A native of Anhui Province he graduated from a naval school in 
Qingdao, Shandong Province, in the late 1930s. In 1942, during the 
War of Resistance against Japanese Aggression (1937-45), Huang and 
23 other naval officers, were chosen by the then Nationalist 
government to study at the Britannia Royal Naval College in 
Greenwich, Britain. They were then posted to fleets operating in 
different war theaters for internship in March 1944.

Huang served on aircraft carrier "Searcher" and part of his duties 
included keeping watch over the angle of the vessel on the sea and 
its position in the fleet formation. "It was no small task as the 
smooth landing and take-off of aircraft depended on the tilt of the 
carrier," Huang recalled in earlier interviews.

At midnight on June 5, 1944 the eve of D-Day his warship slipped her 
moorings in Belfast, Northern Ireland, and sailed south. It wasn't 
until the next morning that Huang and fellow seamen heard on the BBC 
that the allied forces had landed at Normandy.

"Only then did we know what our mission was that night," Huang 
said. "All of us were overjoyed at the news but we couldn't feel 
completely relieved until our escort mission ended." Huang also took 
part in the Toulon landing with French troops on August 15 the same 
year.

"We will never forget that you and other Chinese people stood with 
us shoulder-to-shoulder when France was facing the most difficult 
situation during the war," Schuh said in Chinese at the 
ceremony. "It is our responsibility to remember this forever," he 
added.

Huang's face lit up as Schuh presented him with the medal of the 
Legion d'Honneur which has been awarded to fewer than 200 Chinese. 
His family captured the moment on video cameras. The father of three 
made a short speech from his wheelchair while his nurse held an 
oxygen mask beside him. 

"It was a great honor to join the anti-Nazi war," he said. "After 
more than 60 years I am still very proud about it." 

"It (today's occasion) reminds me of other Chinese naval officers 
who took part in the operation," Huang added. "The honor is not only 
for me it belongs to all of them." The other 23 Chinese officers 
have died over the years.

Huang joined the Navy of the People's Liberation Army in 1949. He 
moved to Zhejiang in 1958 and taught English at Zhejiang Science and 
Technology University for seven years before retiring in 1971.

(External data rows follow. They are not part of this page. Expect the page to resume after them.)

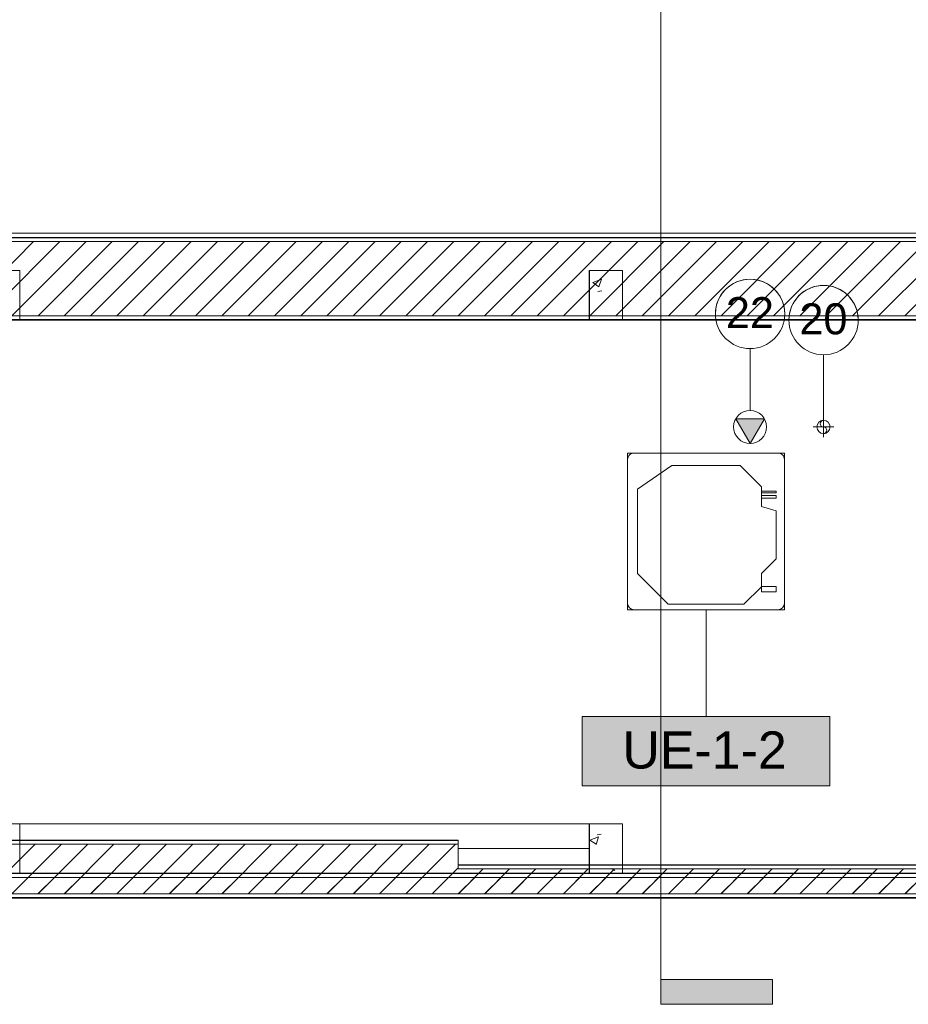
# Model space of a CAD drawing. Header units: metres. Extents: x 3 to 42.2, y -72.9 to -48.7.
# Tile 19 of 189: x 19.1 to 24.5, y -72.6 to -66.6. Entities that reach past the tile are written whole.
import ezdxf

# ---------------------------------------------------------------- set-up
doc = ezdxf.new("R2010")
doc.units = ezdxf.units.M
doc.linetypes.add('Oculto 1_5', pattern=[0.0022, 0.0015, -0.0007000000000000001])
for name, color, linetype, lineweight in [('A-COLS', 7, 'Continuous', 18), ('A-WALL', 7, 'Continuous', 18), ('A-WALL-PATT', 7, 'Continuous', 18), ('G-ANNO-SYMB', 7, 'Continuous', 9), ('M-EQPM', 7, 'Continuous', 18), ('M-MNTG', 7, 'Continuous', 18), ('S-BEAM', 7, 'Continuous', 18), ('S-COLS', 7, 'Continuous', 18)]:
    doc.layers.add(name, color=color, linetype=linetype, lineweight=lineweight)
doc.layers.add('M-EQPM-IDEN', color=1, linetype='Continuous', lineweight=9, true_color=0xff0000)
doc.layers.add('M-MNTG-IDEN', color=1, linetype='Continuous', lineweight=9, true_color=0xff0000)
doc.styles.add('Arial_1', font='arial.ttf', dxfattribs={"height": 0.1874999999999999})
doc.styles.add('Arial_2', font='arial.ttf', dxfattribs={"height": 0.2249999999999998})
pattern_1 = [(49.99999999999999, (21.555, -62.92899999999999), (0.5465545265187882, -0.04781508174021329), [0.05715, -0.62865]), (355, (21.555, -62.92899999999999), (-0.1057276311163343, 0.5731658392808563), [0.04572, -0.50292]), (100.451, (21.601, -62.933), (0.440827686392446, 0.5253490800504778), [0.04857, -0.53427]), (46.184, (21.555, -62.776), (0.8132373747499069, -0.1261291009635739), [0.08573, -0.9429799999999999]), (96.636, (21.623, -62.787), (0.7122119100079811, 0.7422871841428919), [0.07286000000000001, -0.8014100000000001]), (351.184, (21.555, -62.776), (0.7122166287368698, 0.7422739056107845), [0.06858, -0.75438]), (21, (21.631, -62.81399999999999), (0.4548461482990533, -0.3067949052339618), [0.05715, -0.62865]), (326, (21.631, -62.81399999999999), (0.1854048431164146, 0.5525599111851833), [0.04572, -0.50292]), (71.45100000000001, (21.669, -62.84), (0.6402508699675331, 0.2457631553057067), [0.04857, -0.53427]), (37.50000000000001, (21.555, -62.92899999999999), (0.009260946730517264, 0.2536671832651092), [0.02515, -0.47168, 0.02515, -0.48539, -0.5048199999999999]), (37.50000000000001, (21.555, -62.92899999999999), (0.009260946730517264, 0.2536671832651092), [-1.007, 0.02515, -0.47968]), (7.499999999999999, (21.555, -62.92899999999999), (0.2004558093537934, 0.3005459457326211), [0.02515, -0.26594, 0.02515, -0.46025, -0.1924]), (7.499999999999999, (21.555, -62.92899999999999), (0.2004558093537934, 0.3005459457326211), [-0.7764800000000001, 0.02515, -0.16726]), (327.5, (21.385, -62.92899999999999), (0.4067681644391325, -0.01718819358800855), [0.02515, -0.16535, 0.02515, -0.56921, -0.78867]), (327.5, (21.385, -62.92899999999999), (0.4067681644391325, -0.01718819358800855), [-0.78486, 0.02515, -0.76352]), (317.5, (21.309, -62.92899999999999), (0.4443831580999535, 0.07627942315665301), [0.02515, -0.2225, 0.02515, -0.36957, -0.56007]), (317.5, (21.309, -62.92899999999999), (0.4443831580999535, 0.07627942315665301), [-0.64237, 0.02515, -0.53492])]
pattern_2 = [(45, (21.555, -62.92899999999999), (-0.0795495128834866, 0.0795495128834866), [])]

# ---------------------------------------------------------------- blocks, each defined once
blk = doc.blocks.new('Paredes 14 - Paredes 21-7832839-1PAV')
at = {"layer": 'A-WALL', "color": 253, "true_color": 0xaaaaaa}
for p, q in [((32.64733909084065, -67.91555074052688), (14.74899755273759, -67.91555074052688)), ((14.74899755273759, -67.94196407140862), (32.64733909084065, -67.94196407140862))]:
    blk.add_line(p, q, dxfattribs=at)
blk = doc.blocks.new('4 GRE - ESCOLA DE CINEMA E AUDIOVISUAL CINE REX R07_rvt-1-1PAV')
at = {"layer": 'A-WALL-PATT', "true_color": 0xd4d4d4}
h = blk.add_hatch(dxfattribs=at)
h.set_pattern_fill('FP_1', color=254, style=0, pattern_type=2)
h.set_pattern_definition(pattern_1)
h.paths.add_polyline_path([(33.14483924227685, -67.94512227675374), (34.66733924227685, -67.94512227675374), (34.66733924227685, -67.94262227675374), (33.14483924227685, -67.94262227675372)])
h.paths.add_polyline_path([(32.28722419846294, -67.94512227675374), (32.64983924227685, -67.94512227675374), (32.64983924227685, -67.94262227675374), (14.74649770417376, -67.94262227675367), (14.74649770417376, -67.94512227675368), (29.82142436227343, -67.94512227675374)])
h.paths.add_polyline_path([(14.60149770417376, -67.94512227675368), (14.60149770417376, -67.94262227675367), (12.65910173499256, -67.94262227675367), (12.65910173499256, -67.94512227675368), (13.79372542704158, -67.94512227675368)])
h.paths.add_polyline_path([(12.30910173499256, -67.94512227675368), (12.30910173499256, -67.94262227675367), (11.71733924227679, -67.94262227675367), (11.71733924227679, -67.94512227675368)])
h = blk.add_hatch(dxfattribs=at)
h.set_pattern_fill('FP_2', color=254, style=0, pattern_type=2)
h.set_pattern_definition(pattern_2)
h.paths.add_polyline_path([(33.5201241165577, -68.41762227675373), (34.66733924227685, -68.41762227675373), (34.66733924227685, -67.96762227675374), (12.65882739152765, -67.96762227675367), (12.63415928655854, -68.36231195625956), (12.64660173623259, -68.36231195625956), (12.64660173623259, -68.41762227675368), (32.28722419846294, -68.41762227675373)])
h.paths.add_polyline_path([(12.32160173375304, -68.41762227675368), (12.32160173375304, -68.36231195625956), (12.33404418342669, -68.36231195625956), (12.30910173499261, -67.96762227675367), (11.71733924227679, -67.96762227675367), (11.71733924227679, -68.41762227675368), (12.25260052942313, -68.41762227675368)])
h = blk.add_hatch(dxfattribs=at)
h.set_pattern_fill('FP_1', color=254, style=0, pattern_type=2)
h.set_pattern_definition(pattern_1)
h.paths.add_polyline_path([(34.66733924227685, -68.44262227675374), (34.66733924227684, -68.44012227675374), (12.64660173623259, -68.44012227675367), (12.64660173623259, -68.44262227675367), (33.5201241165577, -68.44262227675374)])
h.paths.add_polyline_path([(11.94437554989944, -68.44262227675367), (12.32160173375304, -68.44262227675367), (12.32160173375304, -68.44012227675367), (11.71733924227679, -68.44012227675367), (11.71733924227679, -68.44262227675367)])
h = blk.add_hatch(dxfattribs=at)
h.set_pattern_fill('FP_1', color=254, style=0, pattern_type=2)
h.set_pattern_definition(pattern_1)
h.paths.add_polyline_path([(11.47228762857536, -71.9394422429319), (11.47228762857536, -71.59444224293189), (15.05955433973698, -71.5944422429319), (15.05955433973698, -71.5919422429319), (11.46978762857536, -71.5919422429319), (11.46978762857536, -71.9394422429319)])
h.paths.add_polyline_path([(21.79233924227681, -71.59444224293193), (21.79233924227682, -71.59194224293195), (15.25955433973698, -71.5919422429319), (15.25955433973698, -71.5944422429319), (21.19112493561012, -71.59444224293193)])
h = blk.add_hatch(dxfattribs=at)
h.set_pattern_fill('FP_2', color=254, style=0, pattern_type=2)
h.set_pattern_definition(pattern_2)
h.paths.add_polyline_path([(21.19112493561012, -71.91694224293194), (21.79233924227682, -71.91694224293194), (21.79233924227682, -71.61694224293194), (15.25955433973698, -71.61694224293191), (15.25955433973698, -71.72927817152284), (15.05955433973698, -71.72927817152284), (15.05955433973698, -71.61694224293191), (11.49478762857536, -71.6169422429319), (11.49478762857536, -71.91694224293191), (19.95822501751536, -71.91694224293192)])
h = blk.add_hatch(dxfattribs=at)
h.set_pattern_fill('FP_1', color=254, style=0, pattern_type=2)
h.set_pattern_definition(pattern_1)
h.paths.add_polyline_path([(37.21882387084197, -71.7955741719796), (40.16733924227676, -71.7955741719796), (40.16733924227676, -71.79330533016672), (17.5835000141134, -71.7930741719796), (17.5835000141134, -71.79557417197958), (34.75302403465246, -71.7955741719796)])
h.paths.add_polyline_path([(17.05017606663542, -71.79557417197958), (17.4385000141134, -71.79557417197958), (17.4385000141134, -71.7930741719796), (17.05017606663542, -71.7930741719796)])
h = blk.add_hatch(dxfattribs=at)
h.set_pattern_fill('FP_1', color=254, style=0, pattern_type=2)
h.set_pattern_definition(pattern_1)
h.paths.add_polyline_path([(29.34987493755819, -71.74444224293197), (29.34987493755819, -71.74194224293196), (21.79233924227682, -71.74194224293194), (21.79233924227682, -71.74444224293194), (28.58852444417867, -71.74444224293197)])
h = blk.add_hatch(dxfattribs=at)
h.set_pattern_fill('FP_2', color=254, style=0, pattern_type=2)
h.set_pattern_definition(pattern_2)
h.paths.add_polyline_path([(29.34987493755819, -71.91694224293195), (29.34987493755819, -71.76694224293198), (21.79233924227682, -71.76694224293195), (21.79233924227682, -71.91694224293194), (28.58852444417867, -71.91694224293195)])
h = blk.add_hatch(dxfattribs=at)
h.set_pattern_fill('FP_2', color=254, style=0, pattern_type=2)
h.set_pattern_definition(pattern_2)
h.paths.add_polyline_path([(26.73917456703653, -71.91807417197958), (40.16733924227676, -71.91807417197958), (40.16733924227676, -71.81807417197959), (17.05017606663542, -71.81807417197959), (17.05017606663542, -71.91807417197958), (26.12272460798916, -71.91807417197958)])
h = blk.add_hatch(dxfattribs=at)
h.set_pattern_fill('FP_1', color=254, style=0, pattern_type=2)
h.set_pattern_definition(pattern_1)
h.paths.add_polyline_path([(21.79233924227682, -71.94194224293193), (21.79233924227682, -71.93944224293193), (11.46978762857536, -71.9394422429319), (11.46978762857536, -71.9419422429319), (19.95822501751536, -71.94194224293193)])
h = blk.add_hatch(dxfattribs=at)
h.set_pattern_fill('FP_1', color=254, style=0, pattern_type=2)
h.set_pattern_definition(pattern_1)
h.paths.add_polyline_path([(27.35562452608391, -71.9430741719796), (40.16733924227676, -71.9430741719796), (40.16733924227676, -71.94057417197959), (17.05017606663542, -71.94057417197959), (17.05017606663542, -71.9430741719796), (24.88982468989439, -71.9430741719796)])
at = {"layer": 'A-WALL-PATT', "true_color": 0xaaaaaa}
h = blk.add_hatch(dxfattribs=at)
h.set_pattern_fill('FP_1', color=253, style=0, pattern_type=2)
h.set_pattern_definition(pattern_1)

(China Daily July 6, 2006)


----------



## Soundbreaker Welch? (Jul 12, 2006)

Too bad our relations with China are so uncomfortable these days......


----------



## Gnomey (Jul 12, 2006)




----------



## DerAdlerIstGelandet (Jul 12, 2006)




----------



## evangilder (Jul 18, 2006)

Anyone who survived the beaches of Normandy deserves to be saluted.


----------



## Twitch (Jul 18, 2006)

Syscom3 you are the master of finding esoteric stuff. Good going!


----------



## syscom3 (Jul 18, 2006)

Thanks Twitch!


----------



## DerAdlerIstGelandet (Jul 23, 2006)

Hey P38 do you hate this guy too, hes Chinese?!


----------



## P38 Pilot (Jul 25, 2006)

Any man who fought and served on D-day I respect and salute.


----------



## loomaluftwaffe (Jul 26, 2006)

I'm part Chinese


----------



## HealzDevo (Jan 21, 2007)

My goodness I didn't know there was any Chinese soldiers on the Beaches of Normandy...


----------